◆ Aim of the task: When a line of the material has the word "source" in it, copy that line.

◆ Task inputs:
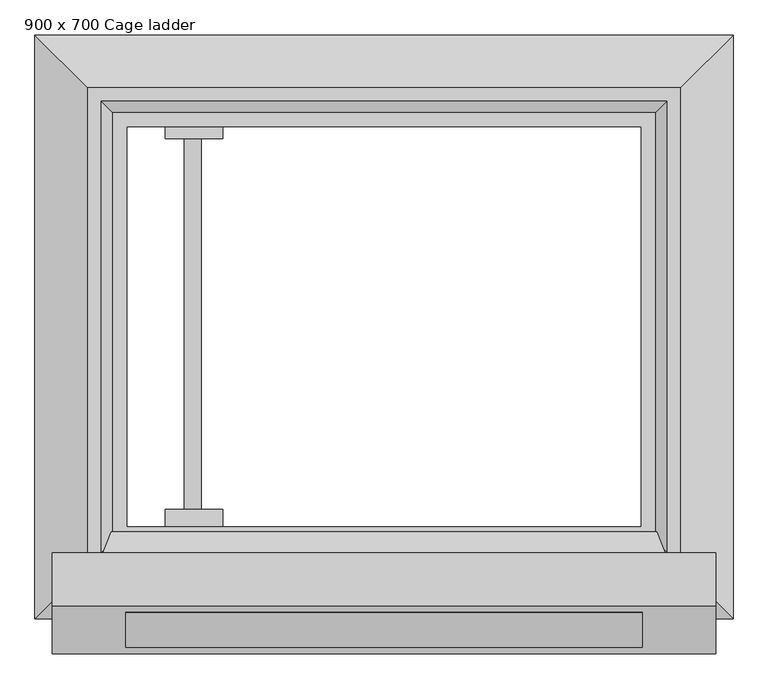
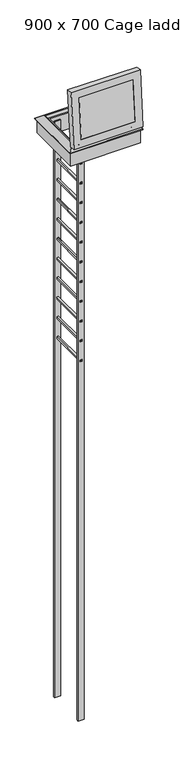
"""IFC4 building model written with IfcOpenShell, lengths in millimetres: proxy geometry, 1_Topaccess_dakluik_900x700_Staka : 900 x 700 Cage ladder."""

from ifc_helpers import new_model, si_unit, point, frame, frame_2d, origin, place, context, project, spatial, polyline, circle_curve, trimmed, segment, composite_curve, outline, extrude, faceted_brep, source, transform, mapped, element, save


def proxy_900_x_700_cage_ladder_d702bcfd(model_context):
    return source(origin(), model_context, "Body", "SolidModel", [
        extrude(outline(polyline([(-450.3518203, -901.2697623), (-455.6416297, -931.2697623), (-483.3518203, -931.2697623), (-483.3518203, -901.2697623), (-450.3518203, -901.2697623)]), holes=[polyline([(-478.3518203, -906.2697623), (-478.3518203, -926.2697623), (-459.8371279, -926.2697623), (-456.3105883, -906.2697623), (-478.3518203, -906.2697623)])]), frame((0.0, -221.4549021, 0.0), z_axis=(0.0, 1.0, 0.0), x_axis=(0.0, 0.0, 1.0)), (0.0, 0.0, 1.0), 719.9860439),
        extrude(outline(polyline([(-450.3518203, -901.2697623), (-455.6416297, -931.2697623), (-483.3518203, -931.2697623), (-483.3518203, -901.2697623), (-450.3518203, -901.2697623)]), holes=[polyline([(-478.3518203, -906.2697623), (-478.3518203, -926.2697623), (-459.8371279, -926.2697623), (-456.3105883, -906.2697623), (-478.3518203, -906.2697623)])]), frame((0.0, -221.4549021, 0.0), z_axis=(0.0, 1.0, 0.0), x_axis=(0.0, 0.0, 1.0)), (0.0, 0.0, 1.0), 719.9860439),
        extrude(outline(polyline([(-100.3518203, -901.2697623), (-105.6416297, -931.2697623), (-133.3518203, -931.2697623), (-133.3518203, -901.2697623), (-100.3518203, -901.2697623)]), holes=[polyline([(-128.3518203, -906.2697623), (-128.3518203, -926.2697623), (-109.8371279, -926.2697623), (-106.3105883, -906.2697623), (-128.3518203, -906.2697623)])]), frame((0.0, -221.4549021, 0.0), z_axis=(0.0, 1.0, 0.0), x_axis=(0.0, 0.0, 1.0)), (0.0, 0.0, 1.0), 719.9860439),
        extrude(outline(polyline([(-3600.3518203, -901.2697623), (-3605.6416297, -931.2697623), (-3633.3518203, -931.2697623), (-3633.3518203, -901.2697623), (-3600.3518203, -901.2697623)]), holes=[polyline([(-3628.3518203, -906.2697623), (-3628.3518203, -926.2697623), (-3609.8371279, -926.2697623), (-3606.3105883, -906.2697623), (-3628.3518203, -906.2697623)])]), frame((0.0, -221.4549021, 0.0), z_axis=(0.0, 1.0, 0.0), x_axis=(0.0, 0.0, 1.0)), (0.0, 0.0, 1.0), 719.9860439),
        extrude(outline(polyline([(-3250.3518203, -901.2697623), (-3255.6416297, -931.2697623), (-3283.3518203, -931.2697623), (-3283.3518203, -901.2697623), (-3250.3518203, -901.2697623)]), holes=[polyline([(-3278.3518203, -906.2697623), (-3278.3518203, -926.2697623), (-3259.8371279, -926.2697623), (-3256.3105883, -906.2697623), (-3278.3518203, -906.2697623)])]), frame((0.0, -221.4549021, 0.0), z_axis=(0.0, 1.0, 0.0), x_axis=(0.0, 0.0, 1.0)), (0.0, 0.0, 1.0), 719.9860439),
        extrude(outline(polyline([(-2900.3518203, -901.2697623), (-2905.6416297, -931.2697623), (-2933.3518203, -931.2697623), (-2933.3518203, -901.2697623), (-2900.3518203, -901.2697623)]), holes=[polyline([(-2928.3518203, -906.2697623), (-2928.3518203, -926.2697623), (-2909.8371279, -926.2697623), (-2906.3105883, -906.2697623), (-2928.3518203, -906.2697623)])]), frame((0.0, -221.4549021, 0.0), z_axis=(0.0, 1.0, 0.0), x_axis=(0.0, 0.0, 1.0)), (0.0, 0.0, 1.0), 719.9860439),
        extrude(outline(polyline([(-2550.3518203, -901.2697623), (-2555.6416297, -931.2697623), (-2583.3518203, -931.2697623), (-2583.3518203, -901.2697623), (-2550.3518203, -901.2697623)]), holes=[polyline([(-2578.3518203, -906.2697623), (-2578.3518203, -926.2697623), (-2559.8371279, -926.2697623), (-2556.3105883, -906.2697623), (-2578.3518203, -906.2697623)])]), frame((0.0, -221.4549021, 0.0), z_axis=(0.0, 1.0, 0.0), x_axis=(0.0, 0.0, 1.0)), (0.0, 0.0, 1.0), 719.9860439),
        extrude(outline(polyline([(-2200.3518203, -901.2697623), (-2205.6416297, -931.2697623), (-2233.3518203, -931.2697623), (-2233.3518203, -901.2697623), (-2200.3518203, -901.2697623)]), holes=[polyline([(-2228.3518203, -906.2697623), (-2228.3518203, -926.2697623), (-2209.8371279, -926.2697623), (-2206.3105883, -906.2697623), (-2228.3518203, -906.2697623)])]), frame((0.0, -221.4549021, 0.0), z_axis=(0.0, 1.0, 0.0), x_axis=(0.0, 0.0, 1.0)), (0.0, 0.0, 1.0), 719.9860439),
        extrude(outline(polyline([(-1850.3518203, -901.2697623), (-1855.6416297, -931.2697623), (-1883.3518203, -931.2697623), (-1883.3518203, -901.2697623), (-1850.3518203, -901.2697623)]), holes=[polyline([(-1878.3518203, -906.2697623), (-1878.3518203, -926.2697623), (-1859.8371279, -926.2697623), (-1856.3105883, -906.2697623), (-1878.3518203, -906.2697623)])]), frame((0.0, -221.4549021, 0.0), z_axis=(0.0, 1.0, 0.0), x_axis=(0.0, 0.0, 1.0)), (0.0, 0.0, 1.0), 719.9860439),
        extrude(outline(polyline([(-1150.3518203, -901.2697623), (-1155.6416297, -931.2697623), (-1183.3518203, -931.2697623), (-1183.3518203, -901.2697623), (-1150.3518203, -901.2697623)]), holes=[polyline([(-1178.3518203, -906.2697623), (-1178.3518203, -926.2697623), (-1159.8371279, -926.2697623), (-1156.3105883, -906.2697623), (-1178.3518203, -906.2697623)])]), frame((0.0, -221.4549021, 0.0), z_axis=(0.0, 1.0, 0.0), x_axis=(0.0, 0.0, 1.0)), (0.0, 0.0, 1.0), 719.9860439),
        extrude(outline(polyline([(-1500.3518203, -901.2697623), (-1505.6416297, -931.2697623), (-1533.3518203, -931.2697623), (-1533.3518203, -901.2697623), (-1500.3518203, -901.2697623)]), holes=[polyline([(-1528.3518203, -906.2697623), (-1528.3518203, -926.2697623), (-1509.8371279, -926.2697623), (-1506.3105883, -906.2697623), (-1528.3518203, -906.2697623)])]), frame((0.0, -221.4549021, 0.0), z_axis=(0.0, 1.0, 0.0), x_axis=(0.0, 0.0, 1.0)), (0.0, 0.0, 1.0), 719.9860439),
        extrude(outline(polyline([(-800.3518203, -901.2697623), (-805.6416297, -931.2697623), (-833.3518203, -931.2697623), (-833.3518203, -901.2697623), (-800.3518203, -901.2697623)]), holes=[polyline([(-828.3518203, -906.2697623), (-828.3518203, -926.2697623), (-809.8371279, -926.2697623), (-806.3105883, -906.2697623), (-828.3518203, -906.2697623)])]), frame((0.0, -221.4549021, 0.0), z_axis=(0.0, 1.0, 0.0), x_axis=(0.0, 0.0, 1.0)), (0.0, 0.0, 1.0), 719.9860439),
        extrude(outline(polyline([(-864.1186991, -186.4549021), (-864.1186991, -219.4549021), (-965.0960873, -219.4549021), (-965.0960873, -186.4549021), (-864.1186991, -186.4549021)])), frame((0.0, 0.0, -10000.0), z_axis=(0.0, 0.0, 1.0), x_axis=(1.0, 0.0, 0.0)), (0.0, 0.0, 1.0), 10220.0),
        extrude(outline(polyline([(463.5450979, -10000.0), (463.5450979, 220.0), (495.5885923, 220.0), (495.5885923, 25.0), (498.5311418, 25.0), (498.5311418, 0.0), (496.5450979, 0.0), (496.5450979, -10000.0), (463.5450979, -10000.0)])), frame((-965.0960873, 0.0, 0.0), z_axis=(1.0, 0.0, 0.0), x_axis=(0.0, 1.0, 0.0)), (0.0, 0.0, 1.0), 100.9773883),
        extrude(outline(composite_curve([segment(polyline([(-354.3587615, 273.7553144), (-365.8649084, 288.1379982)]), True, "CONTINUOUS"), segment(trimmed(circle_curve(frame_2d((-360.5095045, 292.4223213)), 6.8582634), [point((-365.8649084, 288.1379982))], [point((-367.181926, 294.0080602))], False, "CARTESIAN"), True, "CONTINUOUS"), segment(polyline([(-367.181926, 294.0080602), (-349.9226192, 336.7263436)]), True, "CONTINUOUS"), segment(trimmed(circle_curve(frame_2d((-346.8978032, 335.5042386)), 3.2623692), [point((-349.9226192, 336.7263436))], [point((-344.376303, 333.4341928))], False, "CARTESIAN"), True, "CONTINUOUS"), segment(trimmed(circle_curve(frame_2d((-340.2194123, 331.6704159)), 4.5156006), [point((-344.376303, 333.4341928))], [point((-341.7830923, 327.4341966))], True, "CARTESIAN"), True, "CONTINUOUS"), segment(polyline([(-341.7830923, 327.4341966), (-304.4744431, 313.6627691), (-354.3587615, 273.7553144)]), True, "CONTINUOUS")], self_intersect=False)), frame((-1031.2697623, 0.0, 0.0), z_axis=(1.0, 0.0, 0.0), x_axis=(0.0, 1.0, 0.0)), (0.0, 0.0, 1.0), 33.7628423),
        extrude(outline(composite_curve([segment(polyline([(-354.3587615, 273.7553144), (-365.8649084, 288.1379982)]), True, "CONTINUOUS"), segment(trimmed(circle_curve(frame_2d((-360.5095045, 292.4223213)), 6.8582634), [point((-365.8649084, 288.1379982))], [point((-367.181926, 294.0080602))], False, "CARTESIAN"), True, "CONTINUOUS"), segment(polyline([(-367.181926, 294.0080602), (-349.9226192, 336.7263436)]), True, "CONTINUOUS"), segment(trimmed(circle_curve(frame_2d((-346.8978032, 335.5042386)), 3.2623692), [point((-349.9226192, 336.7263436))], [point((-344.376303, 333.4341928))], False, "CARTESIAN"), True, "CONTINUOUS"), segment(trimmed(circle_curve(frame_2d((-340.2194123, 331.6704159)), 4.5156006), [point((-344.376303, 333.4341928))], [point((-341.7830923, 327.4341966))], True, "CARTESIAN"), True, "CONTINUOUS"), segment(polyline([(-341.7830923, 327.4341966), (-304.4744431, 313.6627691), (-354.3587615, 273.7553144)]), True, "CONTINUOUS")], self_intersect=False)), frame((-162.9219079, 0.0, 0.0), z_axis=(1.0, 0.0, 0.0), x_axis=(0.0, 1.0, 0.0)), (0.0, 0.0, 1.0), 31.6521456),
        faceted_brep([(-61.2697623, 553.4470955, 328.0), (30.7302377, 645.4470955, 254.4), (-1193.2697623, 645.4470955, 254.4), (-1101.2697623, 553.4470955, 328.0), (-105.2697623, 509.4470955, 282.0), (-85.7439208, 528.9729371, 328.0), (-1076.7956039, 528.9729371, 328.0), (-1057.2697623, 509.4470955, 282.0), (-131.2697623, 483.4470955, 0.0), (-131.2697623, 483.4470955, 282.0), (-1031.2697623, 483.4470955, 282.0), (-1031.2697623, 483.4470955, 0.0), (4.7302377, 619.4470955, 240.0), (4.7302377, 619.4470955, 0.0), (-1167.2697623, 619.4470955, 0.0), (-1167.2697623, 619.4470955, 240.0), (30.7302377, 645.4470955, 240.0), (-1193.2697623, 645.4470955, 240.0), (-1193.2697623, -378.5529045, 254.4), (-1101.2697623, -286.5529045, 328.0), (-1076.7956039, -262.078746, 328.0), (-1057.2697623, -242.5529045, 282.0), (-1031.2697623, -216.5529045, 282.0), (-1031.2697623, -216.5529045, 0.0), (-1167.2697623, -352.5529045, 0.0), (-1167.2697623, -352.5529045, 240.0), (-1193.2697623, -378.5529045, 240.0), (30.7302377, -378.5529045, 254.4), (-61.2697623, -286.5529045, 328.0), (-85.7439208, -262.078746, 328.0), (-105.2697623, -242.5529045, 282.0), (-131.2697623, -216.5529045, 282.0), (-131.2697623, -216.5529045, 0.0), (4.7302377, -352.5529045, 0.0), (4.7302377, -352.5529045, 240.0), (30.7302377, -378.5529045, 240.0)], [[[0, 1, 2, 3]], [[4, 5, 6, 7]], [[8, 9, 10, 11]], [[12, 13, 14, 15]], [[1, 16, 17, 2]], [[3, 2, 18, 19]], [[7, 6, 20, 21]], [[11, 10, 22, 23]], [[15, 14, 24, 25]], [[2, 17, 26, 18]], [[19, 18, 27, 28]], [[21, 20, 29, 30]], [[23, 22, 31, 32]], [[25, 24, 33, 34]], [[18, 26, 35, 27]], [[28, 27, 1, 0]], [[3, 19, 28, 0], [5, 29, 20, 6]], [[30, 29, 5, 4]], [[7, 21, 30, 4], [9, 31, 22, 10]], [[32, 31, 9, 8]], [[13, 33, 24, 14], [11, 23, 32, 8]], [[34, 33, 13, 12]], [[16, 35, 26, 17], [15, 25, 34, 12]], [[27, 35, 16, 1]]]),
        extrude(outline(polyline([(0.0, -906.0), (0.0, 0.0), (139.4, 0.0), (139.4, -906.0), (0.0, -906.0)])), frame((-1034.2669339, -428.8183427, 470.0146001), z_axis=(0.0, 0.08715574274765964, 0.9961946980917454), x_axis=(0.0, 0.9961946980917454, -0.08715574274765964)), (0.0, 0.0, 1.0), 706.0),
        faceted_brep([(-128.2669339, -228.4168474, 1161.1785464), (-128.2669339, -367.2863883, 1173.328057), (-1034.2669339, -367.2863883, 1173.328057), (-1034.2669339, -228.4168474, 1161.1785464), (-85.2669339, -270.8925845, 1208.0589449), (-102.8669339, -226.2030916, 1186.4818918), (-1059.6669339, -226.2030916, 1186.4818918), (-1077.2669339, -270.8925845, 1208.0589449), (0.7330661, -356.0432975, 1301.837173), (0.7330661, -263.3971906, 1293.731689), (-1163.2669339, -263.3971906, 1293.731689), (-1163.2669339, -356.0432975, 1301.837173), (-1034.2669339, -428.8183427, 470.0146001), (-1034.2669339, -289.9488018, 457.8650896), (-1059.6669339, -292.1625577, 432.5617443), (-1077.2669339, -339.9199327, 419.072744), (-1163.2669339, -347.4153266, 333.4), (-1163.2669339, -440.0614335, 341.5054841), (-128.2669339, -428.8183427, 470.0146001), (-128.2669339, -289.9488018, 457.8650896), (-102.8669339, -292.1625577, 432.5617443), (-85.2669339, -339.9199327, 419.072744), (0.7330661, -347.4153266, 333.4), (0.7330661, -440.0614335, 341.5054841)], [[[0, 1, 2, 3]], [[4, 5, 6, 7]], [[8, 9, 10, 11]], [[3, 2, 12, 13]], [[7, 6, 14, 15]], [[11, 10, 16, 17]], [[13, 12, 18, 19]], [[15, 14, 20, 21]], [[17, 16, 22, 23]], [[19, 18, 1, 0]], [[5, 20, 14, 6], [3, 13, 19, 0]], [[21, 20, 5, 4]], [[9, 22, 16, 10], [7, 15, 21, 4]], [[23, 22, 9, 8]], [[11, 17, 23, 8], [1, 18, 12, 2]]]),
    ])


if __name__ == "__main__":
    model = new_model("IFC4")
    model_context = context("Model", 3, world=origin())
    ifc_project = project(units=[si_unit("LENGTHUNIT", "METRE", prefix="MILLI")], contexts=[model_context])
    site = spatial("IfcSite", under=ifc_project)
    building = spatial("IfcBuilding", under=site)
    placement = place(None, origin())
    proxy_900_x_700_cage_ladder_shape = proxy_900_x_700_cage_ladder_d702bcfd(model_context)
    element("IfcBuildingElementProxy", 1, Name="1_Topaccess_dakluik_900x700_Staka : 900 x 700 Cage ladder", ObjectType="1_Topaccess_dakluik_900x700_Staka : 900 x 700 Cage ladder", at=placement, inside=building, context=model_context, shape_type="MappedRepresentation", body=[
        mapped(proxy_900_x_700_cage_ladder_shape, transform((0.0, 0.0, 0.0), x_axis=(1.0, 0.0, 0.0), y_axis=(0.0, 1.0, 0.0), z_axis=(0.0, 0.0, 1.0))),
    ])
    save(model, "model.ifc")

◆ Result for this task:
from ifc_helpers import new_model, si_unit, point, frame, frame_2d, origin, place, context, project, spatial, polyline, circle_curve, trimmed, segment, composite_curve, outline, extrude, faceted_brep, source, transform, mapped, element, save
    return source(origin(), model_context, "Body", "SolidModel", [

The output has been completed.